A state pensioner has been fighting for almost a year over an underpayment of £17,700 | Personal Finance | Finances

A state pensioner went before the DWP for almost a year to secure £17,700 in arrears.

Retired executive Christine Plant owed the amount because her National Insurance (NI) record did not include Home Responsibilitie Protection (HRP), which is believed to affect hundreds of thousands of women.

She had to fight both HMRC and DWP, making several long phone calls, to finally get the amount she was owed.

The HRP scheme ran from 1978 to 2010, with the HRP added to an individual’s record to top up National Insurance contributions towards the State Pension while they were unemployed and caring for a child, sick or disabled person.

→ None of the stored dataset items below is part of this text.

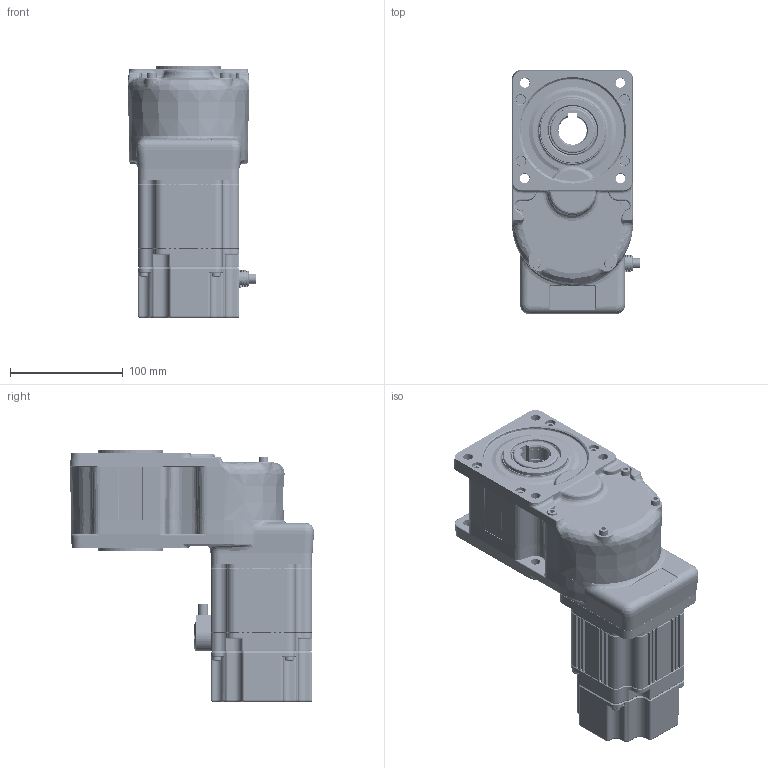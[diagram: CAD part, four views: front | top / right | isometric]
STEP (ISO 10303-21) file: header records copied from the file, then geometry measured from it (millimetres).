
FILE_DESCRIPTION (( 'STEP AP214' ), '1' );
FILE_NAME ('BL90M,Encoder,Signal Cable 180deg+GBF,20,Cable 90deg,Hollow Shaft_3D-06-S0399.STEP', '2019-05-03T08:17:08', ( '' ), ( '' ), 'SwSTEP 2.0', 'SolidWorks 2016', '' );
FILE_SCHEMA (( 'AUTOMOTIVE_DESIGN' ));
Length unit declared in the file: millimetre
Products named in the file (13): GB5XXF-軸承-01; BL90N,Encoder,Signal Cable 180deg_BL90M,encoder; GB5XXF-軸承-02; GB5XXF-鍵槽套筒; GB5XXF-TC; BL90M,Encoder,Signal Cable 180deg+GBF,20,Cable 90deg,Hollow Shaft_3D-06-S0399; BL90-EnCoder_encoder; GB5XXF-BC; 03-GB5^F; BL90-MAIN_BODY-90度出口線_BL90M, L=87.5mm; GB5XXF-沉頭螺絲組; GB5XXF-油壓封墊; GB5XXF-Rubber_Ring
Assembly tree (12 placements, depth 3):
  BL90M,Encoder,Signal Cable 180deg+GBF,20,Cable 90deg,Hollow Shaft_3D-06-S0399
    03-GB5^F
      GB5XXF-BC
      GB5XXF-Rubber_Ring
      GB5XXF-TC
      GB5XXF-沉頭螺絲組
      GB5XXF-油壓封墊
      GB5XXF-軸承-01
      GB5XXF-軸承-02
      GB5XXF-鍵槽套筒
    BL90N,Encoder,Signal Cable 180deg_BL90M,encoder
      BL90-MAIN_BODY-90度出口線_BL90M, L=87.5mm
      BL90-EnCoder_encoder
Bounding box: 113.8 x 216.54 x 224 mm (x, y, z)
Volume: 1493880.4 mm3; surface area: 325171.2 mm2
Topology: 17 solids, 18 shells, 2671 faces, 6523 edges, 3869 vertices
Faces by surface type: plane 759, cylinder 733, bspline 695, cone 405, torus 55, sphere 24
Full cylindrical faces by diameter (mm): 3 x4, 3.3 x8, 3.4 x2, 5 x151, 5.4 x2, 5.5 x8, 8 x4, 8.5 x16, 8.9 x2, 9 x5, 16 x1, 19.8 x1, 30 x1, 32 x1, 45 x1, 52 x1, 58 x1, 62 x1, 83 x1, 83.5 x1, 87 x1
Entity records: 135548 total; most frequent: CARTESIAN_POINT 82845, ORIENTED_EDGE 11566, DIRECTION 9681, EDGE_CURVE 5783, AXIS2_PLACEMENT_3D 3668, VERTEX_POINT 3536, EDGE_LOOP 2841, FACE_OUTER_BOUND 2620
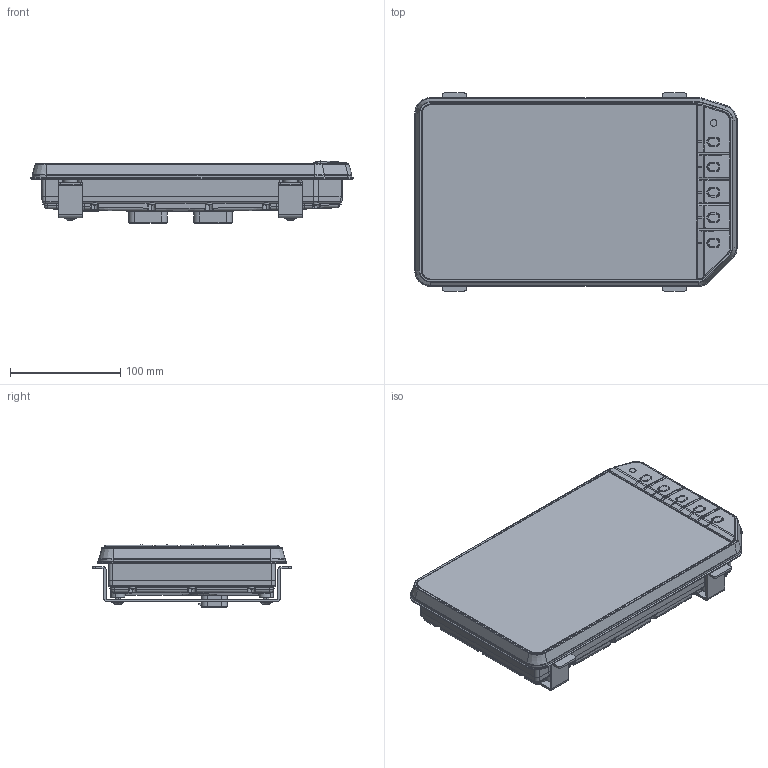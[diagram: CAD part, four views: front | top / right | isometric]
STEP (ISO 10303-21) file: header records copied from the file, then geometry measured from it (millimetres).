
FILE_DESCRIPTION(('STEP AP214'),'2;1');
FILE_NAME('425_1244 Strumento 10,1 pollici vers a pannello-Modello sicuro fase 2.stp','2022-10-17T14:45:46',(''),(''),'2008.1.107','THINKDESIGN','');
FILE_SCHEMA(('AUTOMOTIVE_DESIGN'));
Length unit declared in the file: millimetre
Products named in the file (1): top
Bounding box: 292.78 x 180 x 56.34 mm (x, y, z)
Surface area: 195506.8 mm2 (no closed solid volume)
Topology: 0 solids, 0 shells, 2314 faces, 11937 edges, 11924 vertices
Faces by surface type: bspline 1143, cylinder 706, plane 465
Entity records: 138206 total; most frequent: CARTESIAN_POINT 84860, COMPOSITE_CURVE_SEGMENT 11918, DIRECTION 9362, TRIMMED_CURVE 5852, VECTOR 4686, LINE 4686, B_SPLINE_CURVE_WITH_KNOTS 3243, AXIS2_PLACEMENT_3D 2338
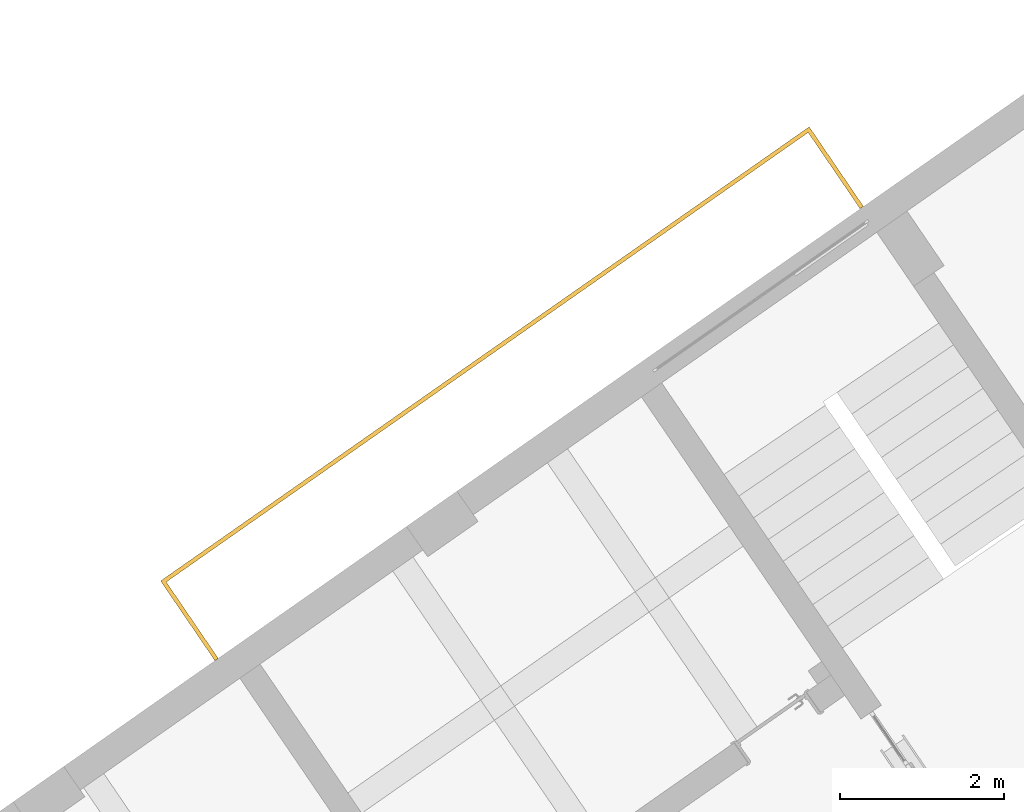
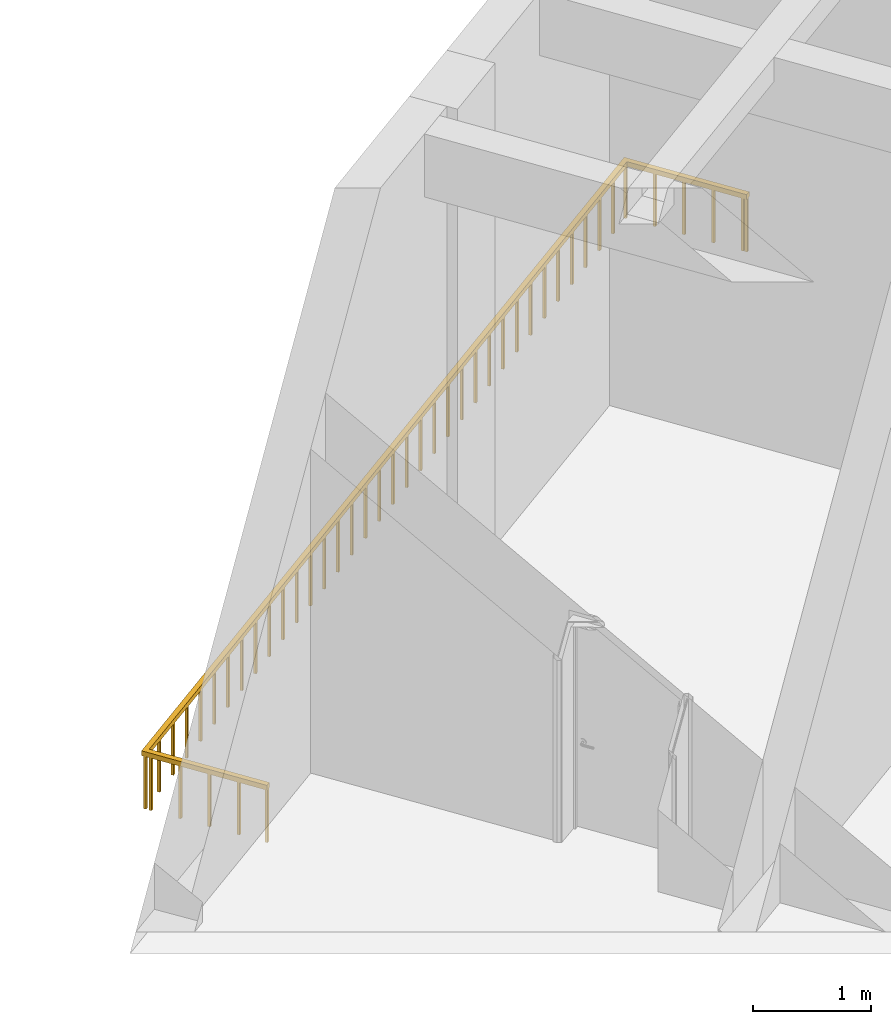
# One storey, part 156 of 157: 1 railing.
"""IFC2X3 building model written with IfcOpenShell, lengths in millimetres."""

import ifcopenshell
import ifcopenshell.guid

model = None  # the IFC model being written
_history = None  # IfcOwnerHistory: only IFC2X3 demands one
_inside = {}  # id of a spatial element -> (the spatial element, [elements in it])
_under = {}  # id of a project, library or spatial element -> (it, [spatial elements below it])
_declared = {}  # id of a project -> (the project, [libraries it declares])
_typed = {}  # id of a type object -> (the type object, [elements of that type])
_made_of = {}  # id of a material, layer set ... -> (it, [elements and type objects made of it])


def new_model(schema):
    """Start an empty IFC model of exactly this schema.

    Asked for "IFC4X3", IfcOpenShell would pick the latest addendum, in which some entities
    have other attributes; the version numbers below select the first issue.
    IFC2X3 requires an IfcOwnerHistory on every rooted entity: one is made here for all.
    """
    global model, _history
    if schema == "IFC4X3":
        model = ifcopenshell.file(schema_version=(4, 3, 0, 0))
    else:
        model = ifcopenshell.file(schema=schema)
    _inside.clear()
    _under.clear()
    _declared.clear()
    _typed.clear()
    _made_of.clear()
    _history = None
    if model.schema == "IFC2X3":
        org = make("IfcOrganization", Name="unknown")
        user = make(
            "IfcPersonAndOrganization",
            ThePerson=make("IfcPerson", FamilyName="unknown"),
            TheOrganization=org,
        )
        app = make(
            "IfcApplication",
            ApplicationDeveloper=org,
            Version="unknown",
            ApplicationFullName="unknown",
            ApplicationIdentifier="unknown",
        )
        _history = make(
            "IfcOwnerHistory",
            OwningUser=user,
            OwningApplication=app,
            ChangeAction="ADDED",
            CreationDate=0,
        )
    return model


def make(cls, **values):
    """One entity of the class cls with the attributes given. An attribute that is None is left unset."""
    return model.create_entity(
        cls, **{name: value for name, value in values.items() if value is not None}
    )


def entity(cls, *values):
    """Any entity or typed value of the class cls, its attributes in the order of the schema. None: left unset."""
    e = model.create_entity(cls)
    for i, value in enumerate(values):
        if value is not None:
            e[i] = value
    return e


def rooted(cls, **values):
    """An entity with a GlobalId (a new one), such as an element, a storey or a relation."""
    return make(cls, GlobalId=ifcopenshell.guid.new(), OwnerHistory=_history, **values)


def si_unit(unit_type, name, prefix=None):
    """IfcSIUnit, for example si_unit("LENGTHUNIT", "METRE", prefix="MILLI")."""
    return make("IfcSIUnit", UnitType=unit_type, Prefix=prefix, Name=name)


def converted_unit(unit_type, name, factor, base, dimensions=None, offset=None):
    """IfcConversionBasedUnit, such as the inch: factor (a typed value) times the base unit."""
    return make(
        "IfcConversionBasedUnit"
        if offset is None
        else "IfcConversionBasedUnitWithOffset",
        ConversionOffset=offset,
        Dimensions=None
        if dimensions is None
        else entity("IfcDimensionalExponents", *dimensions),
        UnitType=unit_type,
        Name=name,
        ConversionFactor=make(
            "IfcMeasureWithUnit", ValueComponent=factor, UnitComponent=base
        ),
    )


def derived_unit(unit_type, elements):
    """IfcDerivedUnit: a product of units, each with its exponent."""
    return make(
        "IfcDerivedUnit",
        Elements=[
            make("IfcDerivedUnitElement", Unit=unit, Exponent=power)
            for unit, power in elements
        ],
        UnitType=unit_type,
    )


def assignment(units):
    """IfcUnitAssignment: the units of a project."""
    return None if units is None else make("IfcUnitAssignment", Units=units)


def point(xyz):
    """IfcCartesianPoint."""
    return None if xyz is None else make("IfcCartesianPoint", Coordinates=xyz)


def direction(xyz):
    """IfcDirection."""
    return None if xyz is None else make("IfcDirection", DirectionRatios=xyz)


def frame(location, z_axis=None, x_axis=None):
    """IfcAxis2Placement3D, a coordinate frame: its origin and axes. An axis left out is left unset."""
    return make(
        "IfcAxis2Placement3D",
        Location=point(location),
        Axis=direction(z_axis),
        RefDirection=direction(x_axis),
    )


def origin():
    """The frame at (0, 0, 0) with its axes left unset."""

The missing HRP problem mainly concerns women who were not working while caring for children.

In Ms Plant’s case, she was due a £28-a-week increase in her state pension, increasing her entitlement to £171 a week, which resulted in her arrears of more than £17,700, This Is Money reports.

She first contacted HMRC in November 2023 because she believed she might be owed payments for the time she was not working and raising her children.

The tax authority responded to her in the same month, confirming that she was owed the money, but she had difficulty meeting the deadline.

She called three times and was told her case would be marked “urgent,” but heard nothing more. She once made a three-hour phone call and was passed around various departments, but to no avail.

She said: “I called HMRC again. I said it’s been a year. I said if I owed you money, you wouldn’t have waited so long.”

Her case was finally resolved 11 months after she first contacted HMRC with her query.

A DWP spokesman told This Is Money: “We apologize for the delay in processing Ms Plant’s award. If errors do occur, we try to resolve them as quickly as possible.”

The government started sending letters regarding HRP over a year ago. Around 210,000 pensioners will receive part of the underpayments totaling £1.5 billion, with each case owing an average of £5,000.

When a person dies, a representative can make a claim on their behalf.

There was a tool on the government website that you could use to check if you were eligible for Home Responsibilities Protection.

The online HRP tool can be used to claim HRP for full tax years (April 6 to April 5) between 1978 and 2010 if any of the following applies:

  • you applied for family allowance for a child under 16 years of age
  • you looked after a child with your partner, who received child benefit instead of you
  • you were receiving Low Income Benefit because you were caring for someone who was sick or disabled
  • you took care of a sick or disabled person receiving certain benefits.